Task statement
Find the word "direction" below. Copy each line that has it.

Stored data
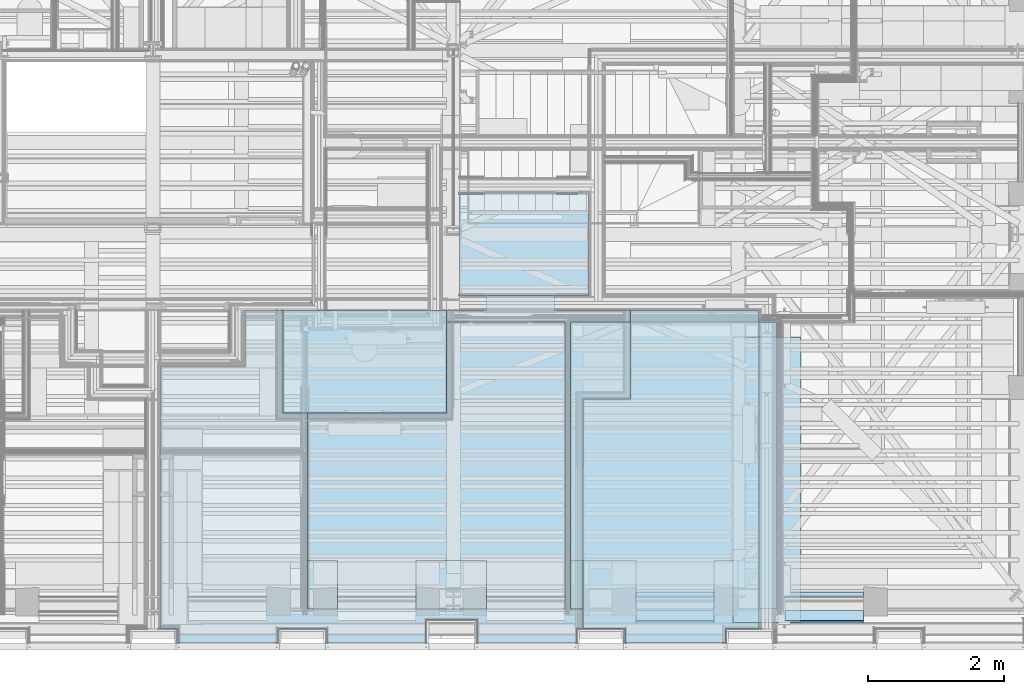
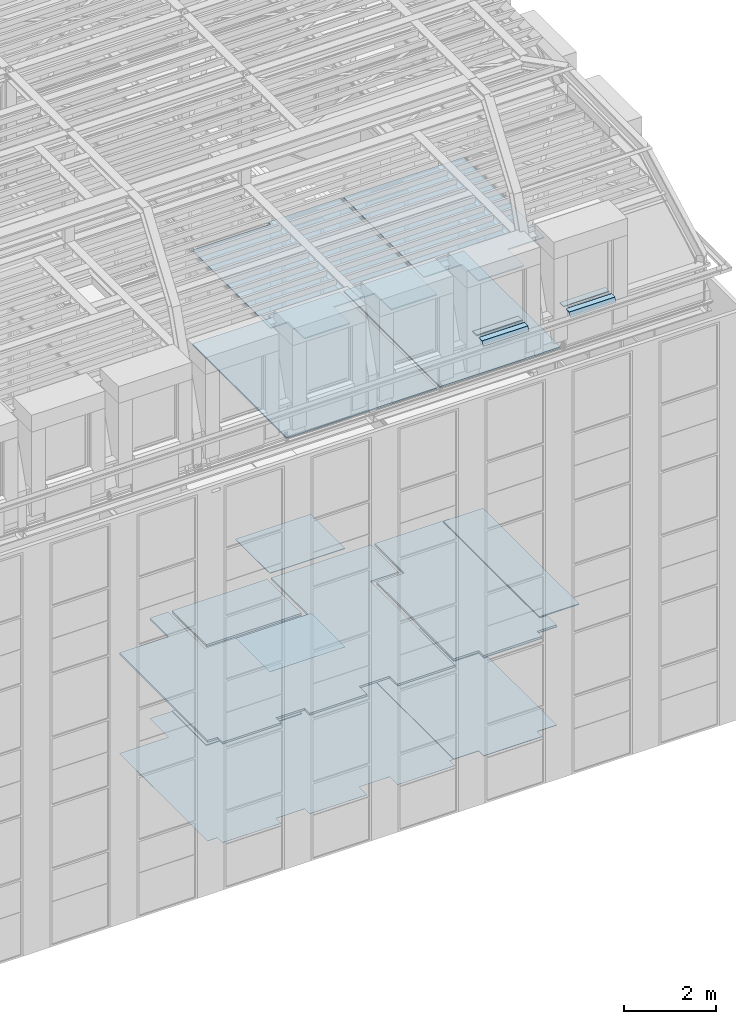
# One storey, part 91 of 183: 26 slabs.
"""IFC2X3 building model written with IfcOpenShell, lengths in metres."""

from ifc_helpers import new_model, entity, si_unit, converted_unit, derived_unit, money_unit, direction, frame, origin_with_axes, place, context, subcontext, project, spatial, faceted_brep, material, type_object, element, save


model = new_model("IFC2X3")

# Units and contexts
model_context = context("Model", 3, precision=1e-05, world=origin_with_axes(), true_north=direction((0.0, 1.0)))
body_context = subcontext(model_context, "Body", "Model", "MODEL_VIEW", scale=1.0)
ifc_project = project(units=[si_unit("LENGTHUNIT", "METRE"), si_unit("AREAUNIT", "SQUARE_METRE"), si_unit("VOLUMEUNIT", "CUBIC_METRE"), si_unit("ABSORBEDDOSEUNIT", "GRAY"), si_unit("AMOUNTOFSUBSTANCEUNIT", "MOLE"), si_unit("DOSEEQUIVALENTUNIT", "SIEVERT"), si_unit("ELECTRICCAPACITANCEUNIT", "FARAD"), si_unit("ELECTRICCHARGEUNIT", "COULOMB"), si_unit("ELECTRICCONDUCTANCEUNIT", "SIEMENS"), si_unit("ELECTRICCURRENTUNIT", "AMPERE"), si_unit("ELECTRICRESISTANCEUNIT", "OHM"), si_unit("ELECTRICVOLTAGEUNIT", "VOLT"), si_unit("ENERGYUNIT", "JOULE"), si_unit("FORCEUNIT", "NEWTON"), si_unit("FREQUENCYUNIT", "HERTZ"), si_unit("ILLUMINANCEUNIT", "LUX"), si_unit("INDUCTANCEUNIT", "HENRY"), si_unit("LUMINOUSFLUXUNIT", "LUMEN"), si_unit("LUMINOUSINTENSITYUNIT", "CANDELA"), si_unit("MAGNETICFLUXDENSITYUNIT", "TESLA"), si_unit("MAGNETICFLUXUNIT", "WEBER"), si_unit("MASSUNIT", "GRAM"), converted_unit("PLANEANGLEUNIT", "degree", entity("IfcReal", 0.0174532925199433), si_unit("PLANEANGLEUNIT", "RADIAN"), dimensions=[0, 0, 0, 0, 0, 0, 0]), si_unit("POWERUNIT", "WATT"), si_unit("PRESSUREUNIT", "PASCAL"), si_unit("RADIOACTIVITYUNIT", "BECQUEREL"), si_unit("SOLIDANGLEUNIT", "STERADIAN"), si_unit("THERMODYNAMICTEMPERATUREUNIT", "KELVIN"), si_unit("TIMEUNIT", "SECOND"), derived_unit("ACCELERATIONUNIT", [(si_unit("LENGTHUNIT", "METRE"), 1), (si_unit("TIMEUNIT", "SECOND"), -2)]), derived_unit("ANGULARVELOCITYUNIT", [(converted_unit("PLANEANGLEUNIT", "degree", entity("IfcReal", 0.0174532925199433), si_unit("PLANEANGLEUNIT", "RADIAN"), dimensions=[0, 0, 0, 0, 0, 0, 0]), 1), (si_unit("TIMEUNIT", "SECOND"), -1)]), derived_unit("CURVATUREUNIT", [(converted_unit("PLANEANGLEUNIT", "degree", entity("IfcReal", 0.0174532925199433), si_unit("PLANEANGLEUNIT", "RADIAN"), dimensions=[0, 0, 0, 0, 0, 0, 0]), 1), (si_unit("LENGTHUNIT", "METRE"), -1)]), derived_unit("DYNAMICVISCOSITYUNIT", [(si_unit("PRESSUREUNIT", "PASCAL"), 1), (si_unit("TIMEUNIT", "SECOND"), 1)]), derived_unit("HEATFLUXDENSITYUNIT", [(si_unit("POWERUNIT", "WATT"), 1), (si_unit("LENGTHUNIT", "METRE"), -2)]), derived_unit("HEATINGVALUEUNIT", [(si_unit("ENERGYUNIT", "JOULE"), 1), (si_unit("MASSUNIT", "GRAM"), -1)]), derived_unit("INTEGERCOUNTRATEUNIT", [(si_unit("TIMEUNIT", "SECOND"), -1)]), derived_unit("IONCONCENTRATIONUNIT", [(si_unit("MASSUNIT", "GRAM"), 1), (si_unit("VOLUMEUNIT", "CUBIC_METRE"), -1)]), derived_unit("ISOTHERMALMOISTURECAPACITYUNIT", [(si_unit("VOLUMEUNIT", "CUBIC_METRE"), 1), (si_unit("MASSUNIT", "GRAM"), -1)]), derived_unit("KINEMATICVISCOSITYUNIT", [(si_unit("AREAUNIT", "SQUARE_METRE"), 1), (si_unit("TIMEUNIT", "SECOND"), -1)]), derived_unit("LINEARFORCEUNIT", [(si_unit("FORCEUNIT", "NEWTON"), 1), (si_unit("LENGTHUNIT", "METRE"), -1)]), derived_unit("LINEARMOMENTUNIT", [(si_unit("FORCEUNIT", "NEWTON"), 1), (si_unit("LENGTHUNIT", "METRE"), -1)]), derived_unit("LINEARSTIFFNESSUNIT", [(si_unit("FORCEUNIT", "NEWTON"), 1), (si_unit("LENGTHUNIT", "METRE"), -1)]), derived_unit("LINEARVELOCITYUNIT", [(si_unit("LENGTHUNIT", "METRE"), 1), (si_unit("TIMEUNIT", "SECOND"), -1)]), derived_unit("LUMINOUSINTENSITYDISTRIBUTIONUNIT", [(si_unit("LUMINOUSINTENSITYUNIT", "CANDELA"), 1), (si_unit("LUMINOUSFLUXUNIT", "LUMEN"), -1)]), derived_unit("MASSDENSITYUNIT", [(si_unit("MASSUNIT", "GRAM"), 1), (si_unit("VOLUMEUNIT", "CUBIC_METRE"), -1)]), derived_unit("MASSFLOWRATEUNIT", [(si_unit("MASSUNIT", "GRAM"), 1), (si_unit("TIMEUNIT", "SECOND"), -1)]), derived_unit("MASSPERLENGTHUNIT", [(si_unit("MASSUNIT", "GRAM"), 1), (si_unit("LENGTHUNIT", "METRE"), -1)]), derived_unit("MODULUSOFELASTICITYUNIT", [(si_unit("FORCEUNIT", "NEWTON"), 1), (si_unit("AREAUNIT", "SQUARE_METRE"), -1)]), derived_unit("MODULUSOFLINEARSUBGRADEREACTIONUNIT", [(si_unit("FORCEUNIT", "NEWTON"), 1), (si_unit("LENGTHUNIT", "METRE"), -2)]), derived_unit("MODULUSOFROTATIONALSUBGRADEREACTIONUNIT", [(si_unit("FORCEUNIT", "NEWTON"), 1), (si_unit("LENGTHUNIT", "METRE"), 1)]), derived_unit("MODULUSOFSUBGRADEREACTIONUNIT", [(si_unit("FORCEUNIT", "NEWTON"), 1), (si_unit("VOLUMEUNIT", "CUBIC_METRE"), -1)]), derived_unit("MOISTUREDIFFUSIVITYUNIT", [(si_unit("VOLUMEUNIT", "CUBIC_METRE"), 1), (si_unit("TIMEUNIT", "SECOND"), -1)]), derived_unit("MOLECULARWEIGHTUNIT", [(si_unit("MASSUNIT", "GRAM"), 1), (si_unit("AMOUNTOFSUBSTANCEUNIT", "MOLE"), -1)]), derived_unit("PLANARFORCEUNIT", [(si_unit("FORCEUNIT", "NEWTON"), 1), (si_unit("LENGTHUNIT", "METRE"), -2)]), derived_unit("ROTATIONALFREQUENCYUNIT", [(si_unit("TIMEUNIT", "SECOND"), -1)]), derived_unit("ROTATIONALMASSUNIT", [(si_unit("MASSUNIT", "GRAM"), 1), (si_unit("LENGTHUNIT", "METRE"), 2)]), derived_unit("ROTATIONALSTIFFNESSUNIT", [(si_unit("FORCEUNIT", "NEWTON"), 1), (si_unit("LENGTHUNIT", "METRE"), 1), (converted_unit("PLANEANGLEUNIT", "degree", entity("IfcReal", 0.0174532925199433), si_unit("PLANEANGLEUNIT", "RADIAN"), dimensions=[0, 0, 0, 0, 0, 0, 0]), -1)]), derived_unit("SECTIONAREAINTEGRALUNIT", [(si_unit("LENGTHUNIT", "METRE"), 5)]), derived_unit("SECTIONMODULUSUNIT", [(si_unit("LENGTHUNIT", "METRE"), 3)]), derived_unit("SHEARMODULUSUNIT", [(si_unit("FORCEUNIT", "NEWTON"), 1), (si_unit("AREAUNIT", "SQUARE_METRE"), -1)]), derived_unit("SOUNDPOWERUNIT", [(si_unit("ENERGYUNIT", "JOULE"), 1), (si_unit("TIMEUNIT", "SECOND"), -1)]), derived_unit("SPECIFICHEATCAPACITYUNIT", [(si_unit("FORCEUNIT", "NEWTON"), 1), (si_unit("MASSUNIT", "GRAM"), -1), (si_unit("THERMODYNAMICTEMPERATUREUNIT", "KELVIN"), -1)]), derived_unit("TEMPERATUREGRADIENTUNIT", [(si_unit("THERMODYNAMICTEMPERATUREUNIT", "KELVIN"), 1), (si_unit("LENGTHUNIT", "METRE"), -1)]), derived_unit("THERMALADMITTANCEUNIT", [(si_unit("POWERUNIT", "WATT"), 1), (si_unit("AREAUNIT", "SQUARE_METRE"), -1), (si_unit("THERMODYNAMICTEMPERATUREUNIT", "KELVIN"), -1)]), derived_unit("THERMALCONDUCTANCEUNIT", [(si_unit("POWERUNIT", "WATT"), 1), (si_unit("LENGTHUNIT", "METRE"), -1), (si_unit("THERMODYNAMICTEMPERATUREUNIT", "KELVIN"), -1)]), derived_unit("THERMALEXPANSIONCOEFFICIENTUNIT", [(si_unit("THERMODYNAMICTEMPERATUREUNIT", "KELVIN"), -1)]), derived_unit("THERMALRESISTANCEUNIT", [(si_unit("AREAUNIT", "SQUARE_METRE"), 1), (si_unit("POWERUNIT", "WATT"), -1)]), derived_unit("THERMALTRANSMITTANCEUNIT", [(si_unit("POWERUNIT", "WATT"), 1), (si_unit("AREAUNIT", "SQUARE_METRE"), -1), (si_unit("THERMODYNAMICTEMPERATUREUNIT", "KELVIN"), -1)]), derived_unit("TORQUEUNIT", [(si_unit("FORCEUNIT", "NEWTON"), 1), (si_unit("LENGTHUNIT", "METRE"), 1)]), derived_unit("VAPORPERMEABILITYUNIT", [(si_unit("MASSUNIT", "GRAM"), 1), (si_unit("TIMEUNIT", "SECOND"), -1)]), derived_unit("VOLUMETRICFLOWRATEUNIT", [(si_unit("VOLUMEUNIT", "CUBIC_METRE"), 1), (si_unit("TIMEUNIT", "SECOND"), -1)]), derived_unit("WARPINGCONSTANTUNIT", [(si_unit("LENGTHUNIT", "METRE"), 6)]), derived_unit("WARPINGMOMENTUNIT", [(si_unit("FORCEUNIT", "NEWTON"), 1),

Exercise answer
from ifc_helpers import new_model, entity, si_unit, converted_unit, derived_unit, money_unit, direction, frame, origin_with_axes, place, context, subcontext, project, spatial, faceted_brep, material, type_object, element, save
model_context = context("Model", 3, precision=1e-05, world=origin_with_axes(), true_north=direction((0.0, 1.0)))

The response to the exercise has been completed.